Data supplied>

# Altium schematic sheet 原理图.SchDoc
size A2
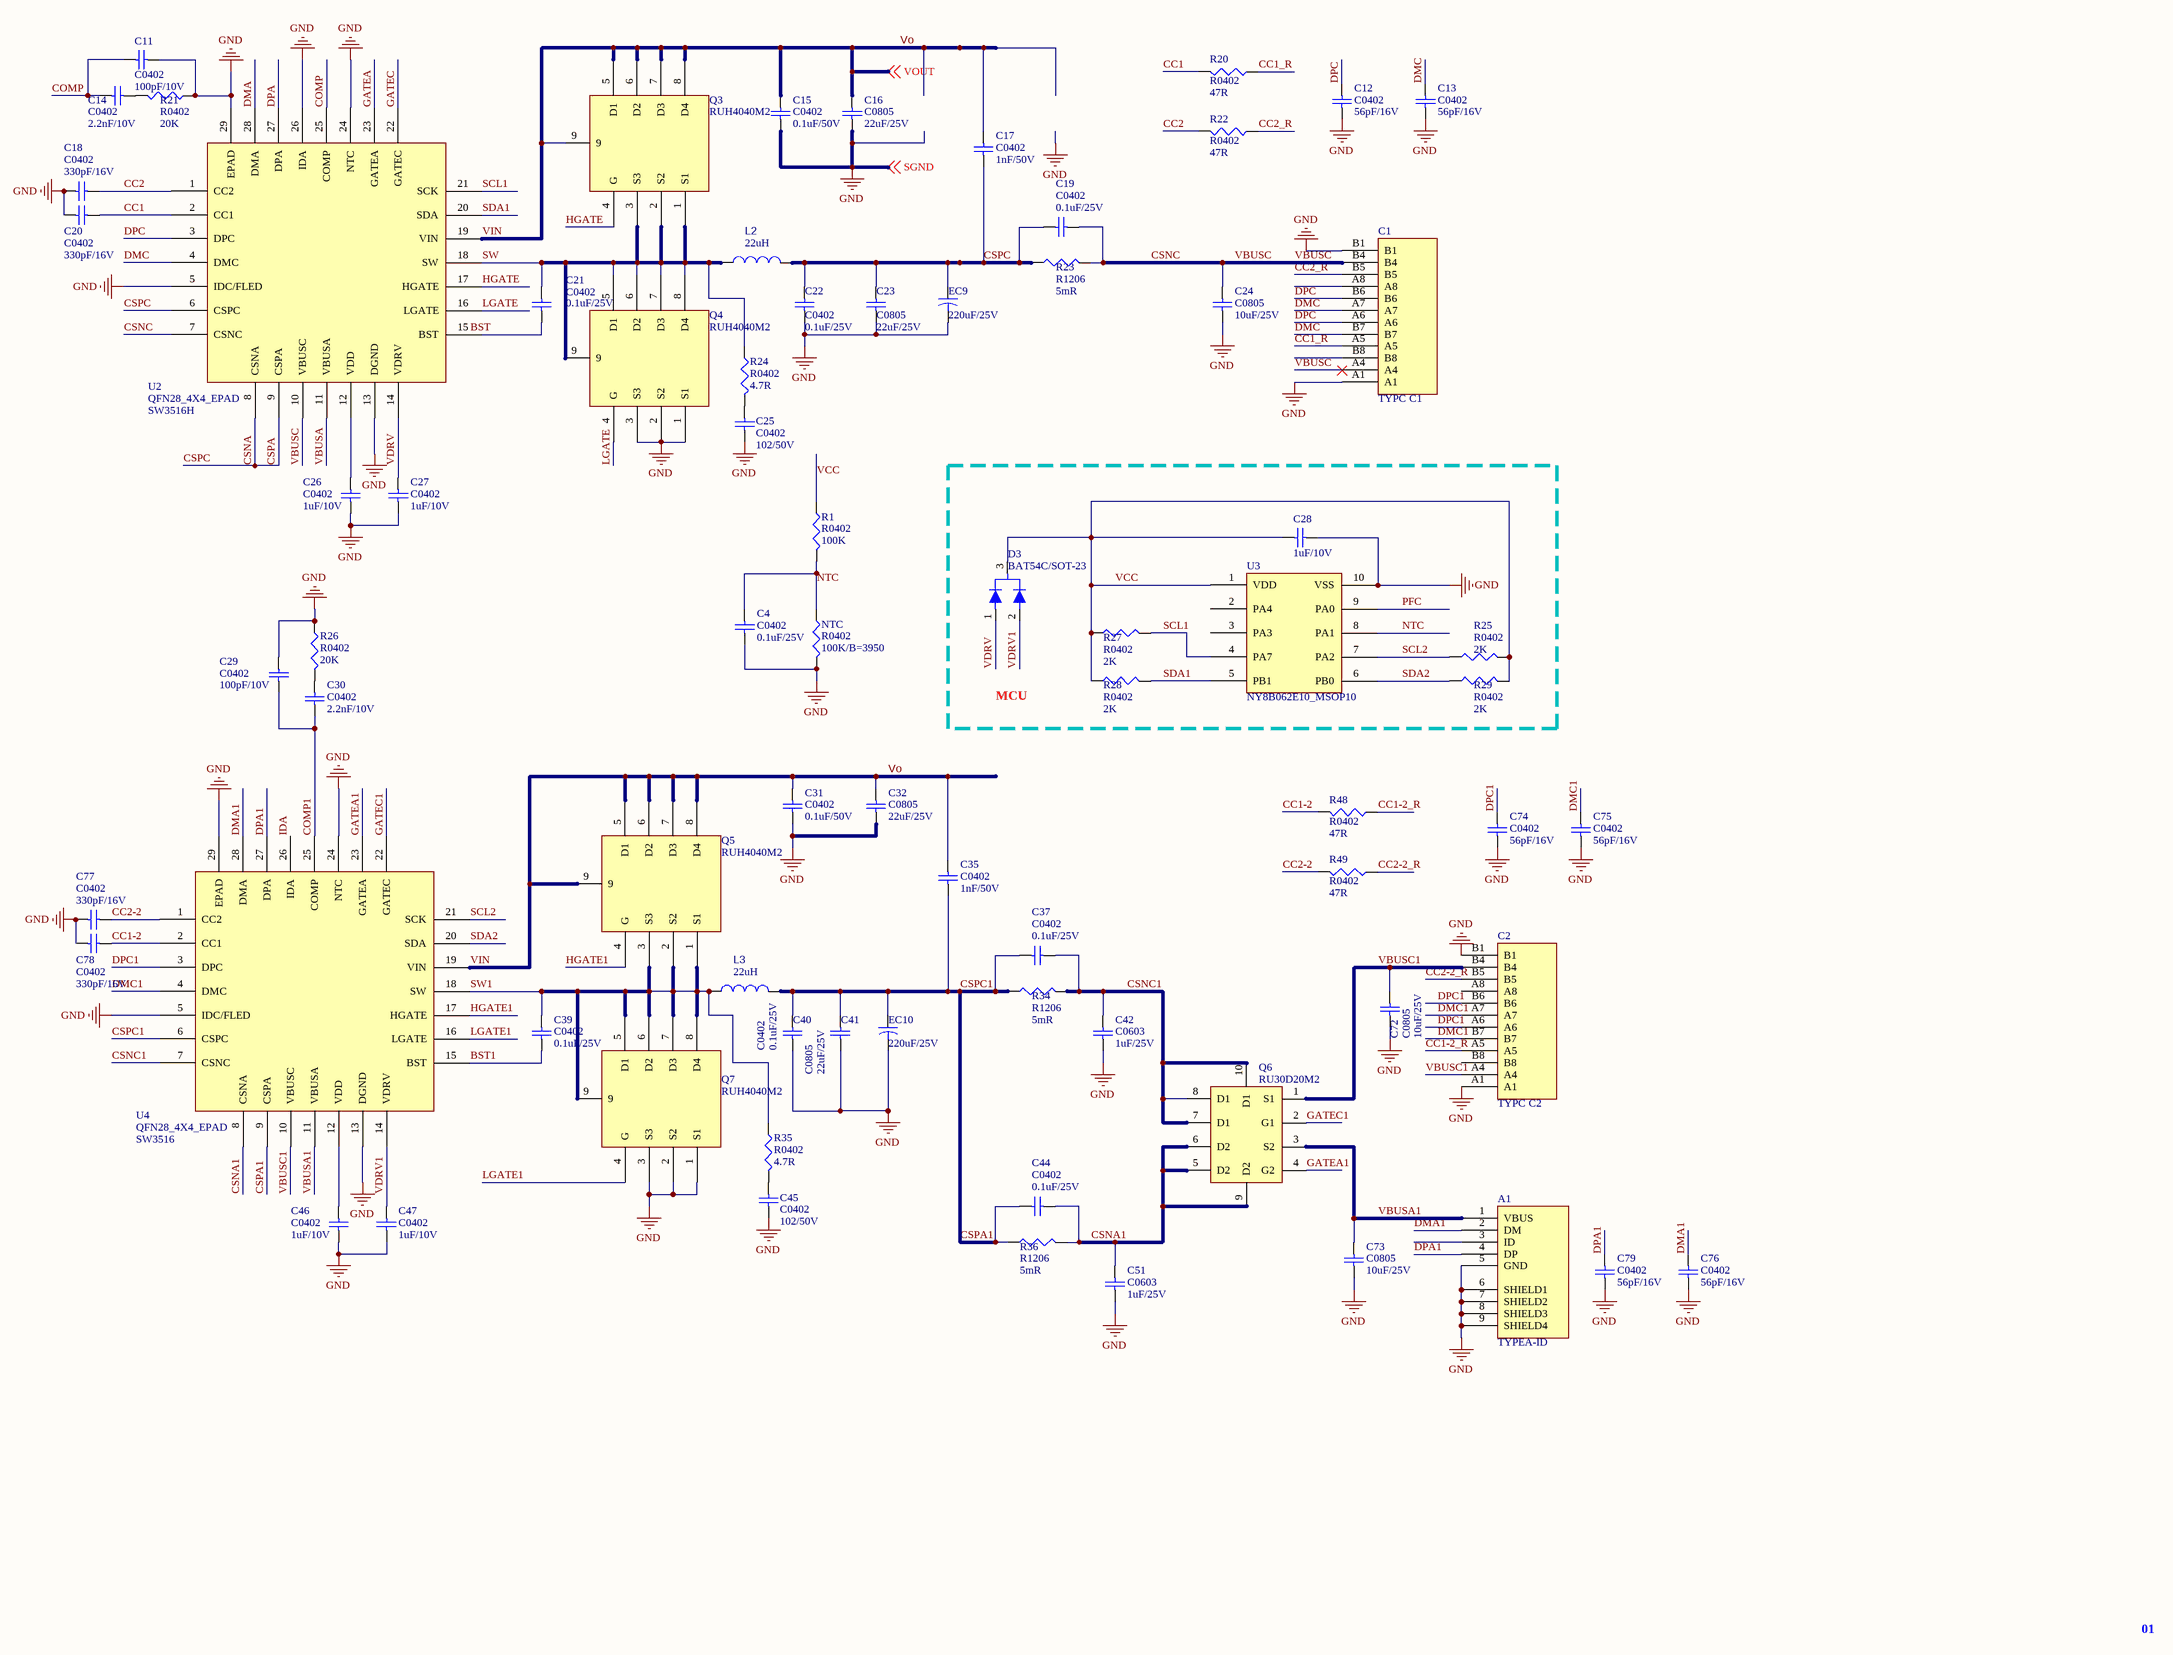
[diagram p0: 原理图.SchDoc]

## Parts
A1  TYPEA-ID  [TYPEA-VOOC]
C1  TYPC C1  [USB C1]
C2  TYPC C2  [USB C1]
C4  C0402  value 0.1uF/25V  [0402C]
C11  C0402  value 100pF/10V  [0402C]
C12  C0402  value 56pF/16V  [0402C]
C13  C0402  value 56pF/16V  [0402C]
C14  C0402  value 2.2nF/10V  [0402C]
C15  C0402  value 0.1uF/50V  [0402C]
C16  C0805  value 22uF/25V  [0805C]
C17  C0402  value 1nF/50V  [0402C]
C18  C0402  value 330pF/16V  [0402C]
C19  C0402  value 0.1uF/25V  [0402C]
C20  C0402  value 330pF/16V  [0402C]
C21  C0402  value 0.1uF/25V  [0402C]
C22  C0402  value 0.1uF/25V  [0402C]
C23  C0805  value 22uF/25V  [0805C]
C24  C0805  value 10uF/25V  [0805C]
C25  C0402  value 102/50V  [0603C]
C26  C0402  value 1uF/10V  [0402C]
C27  C0402  value 1uF/10V  [0402C]
C28  value 1uF/10V  [0402C]  (hidden comment: Cap)
C29  C0402  value 100pF/10V  [0402C]
C30  C0402  value 2.2nF/10V  [0402C]
C31  C0402  value 0.1uF/50V  [0402C]
C32  C0805  value 22uF/25V  [0805C]
C35  C0402  value 1nF/50V  [0402C]
C37  C0402  value 0.1uF/25V  [0402C]
C39  C0402  value 0.1uF/25V  [0402C]
C40  C0402  value 0.1uF/25V  [0402C]
C41  C0805  value 22uF/25V  [0805C]
C42  C0603  value 1uF/25V  [0603C]
C44  C0402  value 0.1uF/25V  [0402C]
C45  C0402  value 102/50V  [0603C]
C46  C0402  value 1uF/10V  [0402C]
C47  C0402  value 1uF/10V  [0402C]
C51  C0603  value 1uF/25V  [0603C]
C72  C0805  value 10uF/25V  [0805C]
C73  C0805  value 10uF/25V  [0805C]
C74  C0402  value 56pF/16V  [0402C]
C75  C0402  value 56pF/16V  [0402C]
C76  C0402  value 56pF/16V  [0402C]
C77  C0402  value 330pF/16V  [0402C]
C78  C0402  value 330pF/16V  [0402C]
C79  C0402  value 56pF/16V  [0402C]
D3  BAT54C/SOT-23  [SOT-23]
EC9  value 220uF/25V  [C6*12]  (hidden comment: Cap_Pol)
EC10  value 220uF/25V  [EC-5*10]  (hidden comment: Cap_Pol)
L2  value 22uH  [L11.5X5.5]  (hidden comment: R0603)
L3  value 22uH  [L11.5X5.5]  (hidden comment: R0603)
NTC  R0402  value 100K/B=3950  [0603]
Q3  RUH4040M2  [DFN3*3-EPAD - duplicate]
Q4  RUH4040M2  [DFN3*3-EPAD - duplicate]
Q5  RUH4040M2  [DFN3*3-EPAD - duplicate]
Q6  RU30D20M2  [DUAL-DFN3333]
Q7  RUH4040M2  [DFN3*3-EPAD - duplicate]
R1  R0402  value 100K  [0603]
R20  R0402  value 47R  [0603]
R21  R0402  value 20K  [R0402]
R22  R0402  value 47R  [0603]
R23  R1206  value 5mR  [1206]
R24  R0402  value 4.7R  [0603]
R25  R0402  value 2K  [R0402]
R26  R0402  value 20K  [R0402]
R27  R0402  value 2K  [R0402]
R28  R0402  value 2K  [R0402]
R29  R0402  value 2K  [R0402]
R34  R1206  value 5mR  [1206]
R35  R0402  value 4.7R  [0603]
R36  R1206  value 5mR  [1206]
R48  R0402  value 47R  [0603]
R49  R0402  value 47R  [0603]
U2  SW3516H  Footprint: QFN28_4X4_EPAD  [QFN28-4*4mm]
U3  NY8B062E10_MSOP10  [MSOP10]
U4  SW3516  Footprint: QFN28_4X4_EPAD  [QFN28-4*4mm]

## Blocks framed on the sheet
MCU: C28 D3 R25 R27-R29 U3

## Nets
GND: A1.5(GND) A1.6(SHIELD1) A1.7(SHIELD2) A1.8(SHIELD3) A1.9(SHIELD4) C1.A1 C1.B1 C2.A1 C2.B1 C4.1 C11.2 C12.1 C13.1 C15.1 C16.1 C18.2 C20.2 C22.1 C23.1 C24.1 C25.2 C26.1 C27.1 C28.2 C29.2 C31.1 C32.1 C40.1 C41.1 C42.1 C45.2 C46.1 C47.1 C51.1 C72.1 C73.1 C74.1 C75.1 C76.1 C77.2 C78.2 C79.1 EC9.2 EC10.2 NTC.2 Q4.1(S1) Q4.2(S2) Q4.3(S3) Q7.1(S1) Q7.2(S2) Q7.3(S3) R21.1 R26.1 U2.5(IDC/FLED) U2.13(DGND) U2.24(NTC) U2.26(IDA) U2.29(EPAD) U3.10(VSS) U4.5(IDC/FLED) U4.13(DGND) U4.24(NTC) U4.29(EPAD) ; off-sheet SGND  [also labelled SGND]
BST1: C39.1 U4.15(BST)
CC1: C20.1 R20.2 U2.2(CC1)
CC1-2: C78.1 R48.2 U4.2(CC1)
CC1-2_R: C2.A5 R48.1
CC1_R: C1.A5 R20.1
CC2: C18.1 R22.2 U2.1(CC2)
CC2-2: C77.1 R49.2 U4.1(CC2)
CC2-2_R: C2.B5 R49.1
CC2_R: C1.B5 R22.1
COMP: C11.1 C14.1 U2.25(COMP)
COMP1: C29.1 C30.1 U4.25(COMP)
CSNA: C17.1 C19.2 C22.2 C23.2 EC9.1 L2.2 R23.1 U2.6(CSPC) U2.8(CSNA) U2.9(CSPA)  [also labelled CSPA, CSPC]
CSNA1: C44.1 C51.2 Q6.5(D2) Q6.6(D2) Q6.9(D2) R36.2 U4.8(CSNA)
CSNC: C1.A4 C1.B4 C19.1 C24.2 R23.2 U2.7(CSNC) U2.10(VBUSC)  [also labelled VBUSC]
CSNC1: C37.1 C42.2 Q6.7(D1) Q6.8(D1) Q6.10(D1) R34.2 U4.7(CSNC)
CSPA1: C35.1 C37.2 C40.2 C41.2 C44.2 EC10.1 L3.2 R34.1 R36.1 U4.6(CSPC) U4.9(CSPA)  [also labelled CSPC1]
DMA: U2.28(DMA)
DMA1: A1.2(DM) C76.2 U4.28(DMA)
DMC: C1.A7 C1.B7 C13.2 U2.4(DMC)
DMC1: C2.A7 C2.B7 C75.2 U4.4(DMC)
DPA: U2.27(DPA)
DPA1: A1.4(DP) C79.2 U4.27(DPA)
DPC: C1.A6 C1.B6 C12.2 U2.3(DPC)
DPC1: C2.A6 C2.B6 C74.2 U4.3(DPC)
GATEA: U2.23(GATEA)
GATEA1: Q6.4(G2) U4.23(GATEA)
GATEC: U2.22(GATEC)
GATEC1: Q6.2(G1) U4.22(GATEC)
HGATE: Q3.4(G) U2.17(HGATE)
HGATE1: Q5.4(G) U4.17(HGATE)
IDA: U4.26(IDA)
LGATE: Q4.4(G) U2.16(LGATE)
LGATE1: Q7.4(G) U4.16(LGATE)
NTC: C4.2 NTC.1 R1.2 U3.8(PA1)
PFC: U3.9(PA0)
SCL1: R27.2 U2.21(SCK) U3.4(PA7)
SCL2: R25.1 U3.7(PA2) U4.21(SCK)
SDA1: R28.2 U2.20(SDA) U3.5(PB1)
SDA2: R29.1 U3.6(PB0) U4.20(SDA)
SW: C21.2 L2.1 Q3.1(S1) Q3.2(S2) Q3.3(S3) Q4.5(D1) Q4.6(D2) Q4.7(D3) Q4.8(D4) Q4.9 R24.1 U2.18(SW)
SW1: C39.2 L3.1 Q5.1(S1) Q5.2(S2) Q5.3(S3) Q7.5(D1) Q7.6(D2) Q7.7(D3) Q7.8(D4) Q7.9 R35.1 U4.18(SW)
VBUSA: U2.11(VBUSA)
VBUSA1: A1.1(VBUS) C73.2 Q6.3(S2) U4.11(VBUSA)
VBUSC1: C2.A4 C2.B4 C72.2 Q6.1(S1) U4.10(VBUSC)
VCC: C28.1 D3.3 R1.1 R25.2 R27.1 R28.1 R29.2 U3.1(VDD)
VDRV: C27.2 D3.1 U2.14(VDRV)
VDRV1: C47.2 D3.2 U4.14(VDRV)
VIN: C15.2 C16.2 C17.2 C31.2 C32.2 C35.2 Q3.5(D1) Q3.6(D2) Q3.7(D3) Q3.8(D4) Q3.9 Q5.5(D1) Q5.6(D2) Q5.7(D3) Q5.8(D4) Q5.9 U2.19(VIN) U4.19(VIN) ; off-sheet VOUT  [also labelled Vo, VOUT]
NetC14_2: C14.2 R21.2
NetC21_1: C21.1 U2.15(BST)
NetC25_1: C25.1 R24.2
NetC26_2: C26.2 U2.12(VDD)
NetC30_2: C30.2 R26.2
NetC45_1: C45.1 R35.2
NetC46_2: C46.2 U4.12(VDD)

Not connected (* = marked no-connect by the designer): A1 3(ID); C1 A8 B8; C2 A8 B8; U3 2(PA4) 3(PA3)

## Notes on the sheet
- 01
- Labels drawn without touching a wire or pin: BST

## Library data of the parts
C1 C2 = TYPC C
C4 C11 C14-C23 C25-C27 C29-C32 C35 C37 C39-C41 C44-C47 C77 C78 = CAP0603: Capacitor
C12 C13 C24 C42 C51 C72-C76 C79 = CAP0805: Capacitor
C28 = Cap: Capacitor
D3 = D3
EC9 EC10 = Cap_Pol: Capacitor
L2 L3 = INDUCTOR
NTC R1 R20-R29 R34-R36 R48 R49 = RES: Resistor
Q3-Q5 Q7 = DFN3333
Q6 = DUL NMOS
U2 U4 = SW3517
U3 = 153_MSOP10

Exercise>
Pull every line containing the word "CSNA" out of the material.

Written answer>
CSNA: C17.1 C19.2 C22.2 C23.2 EC9.1 L2.2 R23.1 U2.6(CSPC) U2.8(CSNA) U2.9(CSPA)  [also labelled CSPA, CSPC]
CSNA1: C44.1 C51.2 Q6.5(D2) Q6.6(D2) Q6.9(D2) R36.2 U4.8(CSNA)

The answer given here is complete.